John: False! Shiver my hulk, Mr. Buckskin, if you wore a lion's skin I'd curry you for this.

===Pirate stereotypes===
"Shiver my timbers" was most famously popularized by the archetypal pirate Long John Silver in Robert Louis Stevenson's Treasure Island (1883). Silver used the phrase seven times, as well as variations such as "shiver my sides", "shiver my soul" and "shake up your timbers". Another pirate, Israel Hands, also uses the phrase at one point.

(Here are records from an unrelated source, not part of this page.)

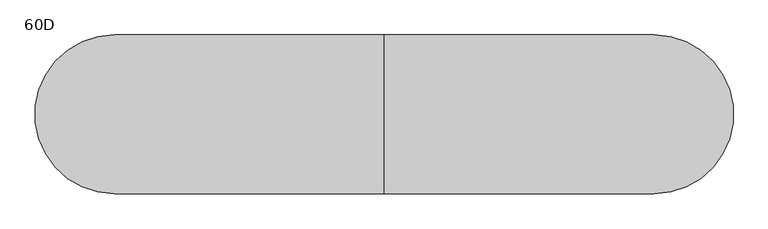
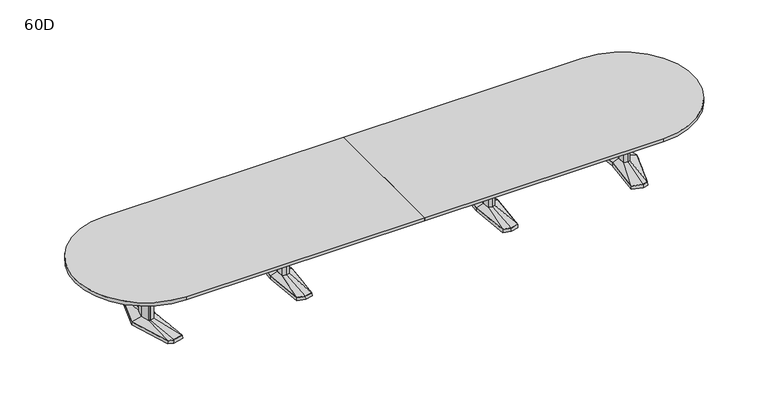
"""IFC4 building model written with IfcOpenShell, lengths in millimetres: furniture geometry, Coalesse_AM_Table_Conference_ETable2_Racetrack_22ft_AluminiumBase : 60D."""

from ifc_helpers import new_model, si_unit, point, frame, frame_2d, origin, place, context, project, spatial, polyline, circle_curve, trimmed, segment, composite_curve, outline, extrude, faceted_brep, source, transform, mapped, element, save
from ifc_brep_helpers import plane_surface, spline_surface, advanced_brep


def furniture_60d_ddcb2d8b(model_context):
    return source(origin(), model_context, "Body", "SolidModel", [
        faceted_brep([(1036.3666209, -433.8053819, 38.1), (1117.6, -455.556576, 38.1), (1198.8333791, -433.8053819, 38.1), (1236.6564774, 0.0, 38.1), (1198.8333791, 433.8053819, 38.1), (1117.6, 455.556576, 38.1), (1036.3666209, 433.8053819, 38.1), (998.5435226, 0.0, 38.1), (1034.8817205, -435.0512063, 3.175), (996.95, 0.0, 3.175), (1034.8817205, 435.0512063, 3.175), (1117.6, 457.2, 3.175), (1200.3182795, 435.0512063, 3.175), (1238.25, 0.0, 3.175), (1200.3182795, -435.0512063, 3.175), (1117.6, -457.2, 3.175), (1117.6, 429.2617927, 3.175), (1039.6323194, 408.3850278, 3.175), (1042.8980179, 382.9646737, 3.175), (1117.6, 402.9670094, 3.175), (1192.3019821, 382.9646737, 3.175), (1195.5676806, 408.3850278, 3.175), (1117.6, -429.2617927, 3.175), (1195.5676806, -408.3850278, 3.175), (1192.3019821, -382.9646737, 3.175), (1117.6, -402.9670094, 3.175), (1042.8980179, -382.9646737, 3.175), (1039.6323194, -408.3850278, 3.175), (1045.7425738, 114.6326257, 3.175), (1035.0573924, 0.0, 3.175), (1045.7425738, -114.6326257, 3.175), (1117.6, -133.8761372, 3.175), (1189.4574262, -114.6326257, 3.175), (1200.1426076, 0.0, 3.175), (1189.4574262, 114.6326257, 3.175), (1117.6, 133.8761372, 3.175), (1117.6, 429.2617927, 0.0), (1195.5676806, 408.3850278, 0.0), (1192.3019821, 382.9646737, 0.0), (1117.6, 402.9670094, 0.0), (1042.8980179, 382.9646737, 0.0), (1039.6323194, 408.3850278, 0.0), (1117.6, -429.2617927, 0.0), (1039.6323194, -408.3850278, 0.0), (1042.8980179, -382.9646737, 0.0), (1117.6, -402.9670094, 0.0), (1192.3019821, -382.9646737, 0.0), (1195.5676806, -408.3850278, 0.0), (1045.7425738, 114.6326257, 0.0), (1117.6, 133.8761372, 0.0), (1189.4574262, 114.6326257, 0.0), (1200.1426076, 0.0, 0.0), (1189.4574262, -114.6326257, 0.0), (1117.6, -133.8761372, 0.0), (1045.7425738, -114.6326257, 0.0), (1035.0573924, 0.0, 0.0)], [[[0, 1, 2, 3, 4, 5, 6, 7]], [[8, 9, 10, 11, 12, 13, 14, 15], [16, 17, 18, 19, 20, 21], [22, 23, 24, 25, 26, 27], [28, 29, 30, 31, 32, 33, 34, 35]], [[1, 0, 8, 15]], [[2, 1, 15, 14]], [[3, 2, 14, 13]], [[4, 3, 13, 12]], [[5, 4, 12, 11]], [[6, 5, 11, 10]], [[7, 6, 10, 9]], [[0, 7, 9, 8]], [[36, 37, 38, 39, 40, 41]], [[42, 43, 44, 45, 46, 47]], [[48, 49, 50, 51, 52, 53, 54, 55]], [[36, 41, 17, 16]], [[41, 40, 18, 17]], [[40, 39, 19, 18]], [[39, 38, 20, 19]], [[38, 37, 21, 20]], [[37, 36, 16, 21]], [[42, 47, 23, 22]], [[47, 46, 24, 23]], [[46, 45, 25, 24]], [[45, 44, 26, 25]], [[44, 43, 27, 26]], [[43, 42, 22, 27]], [[48, 55, 29, 28]], [[55, 54, 30, 29]], [[54, 53, 31, 30]], [[53, 52, 32, 31]], [[52, 51, 33, 32]], [[51, 50, 34, 33]], [[50, 49, 35, 34]], [[49, 48, 28, 35]]]),
        faceted_brep([(1081.2167166, 84.6900825, 698.5), (1073.3225513, 0.0, 698.5), (1081.2167166, -84.6900825, 698.5), (1117.6, -94.4335728, 698.5), (1153.9832834, -84.6900825, 698.5), (1161.8774487, 0.0, 698.5), (1153.9832834, 84.6900825, 698.5), (1117.6, 94.4335728, 698.5), (1081.2167166, 84.6900825, 63.5), (1117.6, 94.4335728, 63.5), (1153.9832834, 84.6900825, 63.5), (1161.8774487, 0.0, 63.5), (1153.9832834, -84.6900825, 63.5), (1117.6, -94.4335728, 63.5), (1081.2167166, -84.6900825, 63.5), (1073.3225513, 0.0, 63.5)], [[[0, 1, 2, 3, 4, 5, 6, 7]], [[8, 9, 10, 11, 12, 13, 14, 15]], [[1, 0, 8, 15]], [[2, 1, 15, 14]], [[3, 2, 14, 13]], [[4, 3, 13, 12]], [[5, 4, 12, 11]], [[6, 5, 11, 10]], [[7, 6, 10, 9]], [[0, 7, 9, 8]]]),
        advanced_brep(
        [(1081.2167166, 84.6900825, 63.5), (1073.3225513, 0.0, 63.5), (1081.2167166, -84.6900825, 63.5), (1117.6, -94.4335728, 63.5), (1153.9832834, -84.6900825, 63.5), (1161.8774487, 0.0, 63.5), (1153.9832834, 84.6900825, 63.5), (1117.6, 94.4335728, 63.5), (1036.3666209, 433.8053819, 38.1), (1117.6, 455.556576, 38.1), (1198.8333791, 433.8053819, 38.1), (1236.6564774, 0.0, 38.1), (1198.8333791, -433.8053819, 38.1), (1117.6, -455.556576, 38.1), (1036.3666209, -433.8053819, 38.1), (998.5435226, 0.0, 38.1)],
        [
            (0, 1),
            (1, 2),
            (2, 3),
            (3, 4),
            (4, 5),
            (5, 6),
            (6, 7),
            (7, 0),
            (8, 9),
            (9, 10),
            (10, 11),
            (11, 12),
            (12, 13),
            (13, 14),
            (14, 15),
            (15, 8),
            (15, 1),
            (0, 8),
            (14, 2),
            (13, 3),
            (12, 4),
            (11, 5),
            (10, 6),
            (9, 7),
        ],
        [
            plane_surface(frame((1117.6, 0.0, 63.5), z_axis=(0.0, 0.0, 1.0000000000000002), x_axis=(-0.9659615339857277, -0.25868574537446, 0.0))),
            plane_surface(frame((1117.6, 0.0, 38.1), z_axis=(0.0, 0.0, -1.0000000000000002), x_axis=(-0.9659615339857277, -0.25868574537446, 0.0))),
            spline_surface(1, 1, [[(1036.3666209, 433.8053819, 38.1), (1081.2167166, 84.6900825, 63.5)], [(998.5435226, 0.0, 38.1), (1073.3225513, 0.0, 63.5)]], [2, 2], [2, 2], [0.0, 1.0], [0.0, 1.0]),
            spline_surface(1, 1, [[(998.5435226, 0.0, 38.1), (1073.3225513, 0.0, 63.5)], [(1036.3666209, -433.8053819, 38.1), (1081.2167166, -84.6900825, 63.5)]], [2, 2], [2, 2], [0.0, 1.0], [0.0, 1.0]),
            spline_surface(1, 1, [[(1036.3666209, -433.8053819, 38.1), (1081.2167166, -84.6900825, 63.5)], [(1117.6, -455.556576, 38.1), (1117.6, -94.4335728, 63.5)]], [2, 2], [2, 2], [0.0, 1.0], [0.0, 1.0]),
            spline_surface(1, 1, [[(1117.6, -455.556576, 38.1), (1117.6, -94.4335728, 63.5)], [(1198.8333791, -433.8053819, 38.1), (1153.9832834, -84.6900825, 63.5)]], [2, 2], [2, 2], [0.0, 1.0], [0.0, 1.0]),
            spline_surface(1, 1, [[(1198.8333791, -433.8053819, 38.1), (1153.9832834, -84.6900825, 63.5)], [(1236.6564774, 0.0, 38.1), (1161.8774487, 0.0, 63.5)]], [2, 2], [2, 2], [0.0, 1.0], [0.0, 1.0]),
            spline_surface(1, 1, [[(1236.6564774, 0.0, 38.1), (1161.8774487, 0.0, 63.5)], [(1198.8333791, 433.8053819, 38.1), (1153.9832834, 84.6900825, 63.5)]], [2, 2], [2, 2], [0.0, 1.0], [0.0, 1.0]),
            spline_surface(1, 1, [[(1198.8333791, 433.8053819, 38.1), (1153.9832834, 84.6900825, 63.5)], [(1117.6, 455.556576, 38.1), (1117.6, 94.4335728, 63.5)]], [2, 2], [2, 2], [0.0, 1.0], [0.0, 1.0]),
            spline_surface(1, 1, [[(1117.6, 455.556576, 38.1), (1117.6, 94.4335728, 63.5)], [(1036.3666209, 433.8053819, 38.1), (1081.2167166, 84.6900825, 63.5)]], [2, 2], [2, 2], [0.0, 1.0], [0.0, 1.0]),
        ],
        [
            (0, [[1, 2, 3, 4, 5, 6, 7, 8]]),
            (1, [[9, 10, 11, 12, 13, 14, 15, 16]]),
            (2, [[-16, 17, -1, 18]]),
            (3, [[-15, 19, -2, -17]]),
            (4, [[-14, 20, -3, -19]]),
            (5, [[-13, 21, -4, -20]]),
            (6, [[-12, 22, -5, -21]]),
            (7, [[-11, 23, -6, -22]]),
            (8, [[-10, 24, -7, -23]]),
            (9, [[-9, -18, -8, -24]]),
        ],
    ),
        faceted_brep([(-1198.8333791, -433.8053819, 38.1), (-1117.6, -455.556576, 38.1), (-1036.3666209, -433.8053819, 38.1), (-998.5435226, 0.0, 38.1), (-1036.3666209, 433.8053819, 38.1), (-1117.6, 455.556576, 38.1), (-1198.8333791, 433.8053819, 38.1), (-1236.6564774, 0.0, 38.1), (-1200.3182795, -435.0512063, 3.175), (-1238.25, 0.0, 3.175), (-1200.3182795, 435.0512063, 3.175), (-1117.6, 457.2, 3.175), (-1034.8817205, 435.0512063, 3.175), (-996.95, 0.0, 3.175), (-1034.8817205, -435.0512063, 3.175), (-1117.6, -457.2, 3.175), (-1117.6, 429.2617927, 3.175), (-1195.5676806, 408.3850278, 3.175), (-1192.3019821, 382.9646737, 3.175), (-1117.6, 402.9670094, 3.175), (-1042.8980179, 382.9646737, 3.175), (-1039.6323194, 408.3850278, 3.175), (-1117.6, -429.2617927, 3.175), (-1039.6323194, -408.3850278, 3.175), (-1042.8980179, -382.9646737, 3.175), (-1117.6, -402.9670094, 3.175), (-1192.3019821, -382.9646737, 3.175), (-1195.5676806, -408.3850278, 3.175), (-1189.4574262, 114.6326257, 3.175), (-1200.1426076, 0.0, 3.175), (-1189.4574262, -114.6326257, 3.175), (-1117.6, -133.8761372, 3.175), (-1045.7425738, -114.6326257, 3.175), (-1035.0573924, 0.0, 3.175), (-1045.7425738, 114.6326257, 3.175), (-1117.6, 133.8761372, 3.175), (-1117.6, 429.2617927, 0.0), (-1039.6323194, 408.3850278, 0.0), (-1042.8980179, 382.9646737, 0.0), (-1117.6, 402.9670094, 0.0), (-1192.3019821, 382.9646737, 0.0), (-1195.5676806, 408.3850278, 0.0), (-1117.6, -429.2617927, 0.0), (-1195.5676806, -408.3850278, 0.0), (-1192.3019821, -382.9646737, 0.0), (-1117.6, -402.9670094, 0.0), (-1042.8980179, -382.9646737, 0.0), (-1039.6323194, -408.3850278, 0.0), (-1189.4574262, 114.6326257, 0.0), (-1117.6, 133.8761372, 0.0), (-1045.7425738, 114.6326257, 0.0), (-1035.0573924, 0.0, 0.0), (-1045.7425738, -114.6326257, 0.0), (-1117.6, -133.8761372, 0.0), (-1189.4574262, -114.6326257, 0.0), (-1200.1426076, 0.0, 0.0)], [[[0, 1, 2, 3, 4, 5, 6, 7]], [[8, 9, 10, 11, 12, 13, 14, 15], [16, 17, 18, 19, 20, 21], [22, 23, 24, 25, 26, 27], [28, 29, 30, 31, 32, 33, 34, 35]], [[1, 0, 8, 15]], [[2, 1, 15, 14]], [[3, 2, 14, 13]], [[4, 3, 13, 12]], [[5, 4, 12, 11]], [[6, 5, 11, 10]], [[7, 6, 10, 9]], [[0, 7, 9, 8]], [[36, 37, 38, 39, 40, 41]], [[42, 43, 44, 45, 46, 47]], [[48, 49, 50, 51, 52, 53, 54, 55]], [[36, 41, 17, 16]], [[41, 40, 18, 17]], [[40, 39, 19, 18]], [[39, 38, 20, 19]], [[38, 37, 21, 20]], [[37, 36, 16, 21]], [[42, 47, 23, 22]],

Marryat and Stevenson both wrote Victorian fiction using standard grammar, even when their characters were pirates. The use of "me" instead of "my", which is common to many British regional accents, has appeared in popular culture such as with Popeye; one of his earliest cartoons from 1934 is entitled Shiver Me Timbers! The phrase was also commonly used in Arthur Ransome's Swallows and Amazons books, where it was said at least once in almost every book, most commonly by "Amazon Pirate" Nancy Blackett. Robert Newton notably uses the original "shiver my timbers" in the 1950 RKO-Disney British adaptation of Treasure Island.

==In popular culture==

- "Shiver me timbers" and "blow me down" are commonly said by Popeye. One 1931 cartoon shot from the Popeye the Sailor series was titled Shiver Me Timbers!.
- "Shiver me timbers" was expressed by elite financial advisor Esme Squalor and main antagonist Count Olaf, in season 3 of A Series of Unfortunate Events, with explanation of definition by character Lemony Snicket.
- In the popular American cartoon SpongeBob SquarePants, Mr. Krabs is heard using the phrase "shiver me timbers" often.
- The opening number of the 1996 Brian Henson film Muppet Treasure Island is entitled "Shiver My Timbers." Several of the variants used in the original book are present in the chorus, including "shiver my soul," "shiver my bones," "shiver my sides," and "shiver my sails."
- In the Canadian animated action-adventure cartoon series ReBoot, the software pirate captain Gavin Capacitor uses the pirate catchphrase mutation "Shiver me templates!".
- In the Monk episode "Mr. Monk Is On the Air", Steven Weber's radio jockey character says a variation on the exclamation ("jiggle me timbers") on the air as his new catchphrase and this is revealed to be an important plot device in the episode.
- In the 1967 film The Fearless Vampire Killers, Professor Abronsius uses this expression when observing (via telescope) the vampirised Yoyneh Shagal climb up the outside of his own inn and enter the bedroom of his maid by means of the window.
- Tom Waits' 1974 album The Heart of Saturday Night includes his song by this name.
- In the game Paladins, the character named Barik uses the cry "shiver me timbers!" as an emote.
- The founder of the scam baiting website 419eater.com, Michael Berry, goes by the alias "Shiver Metimbers".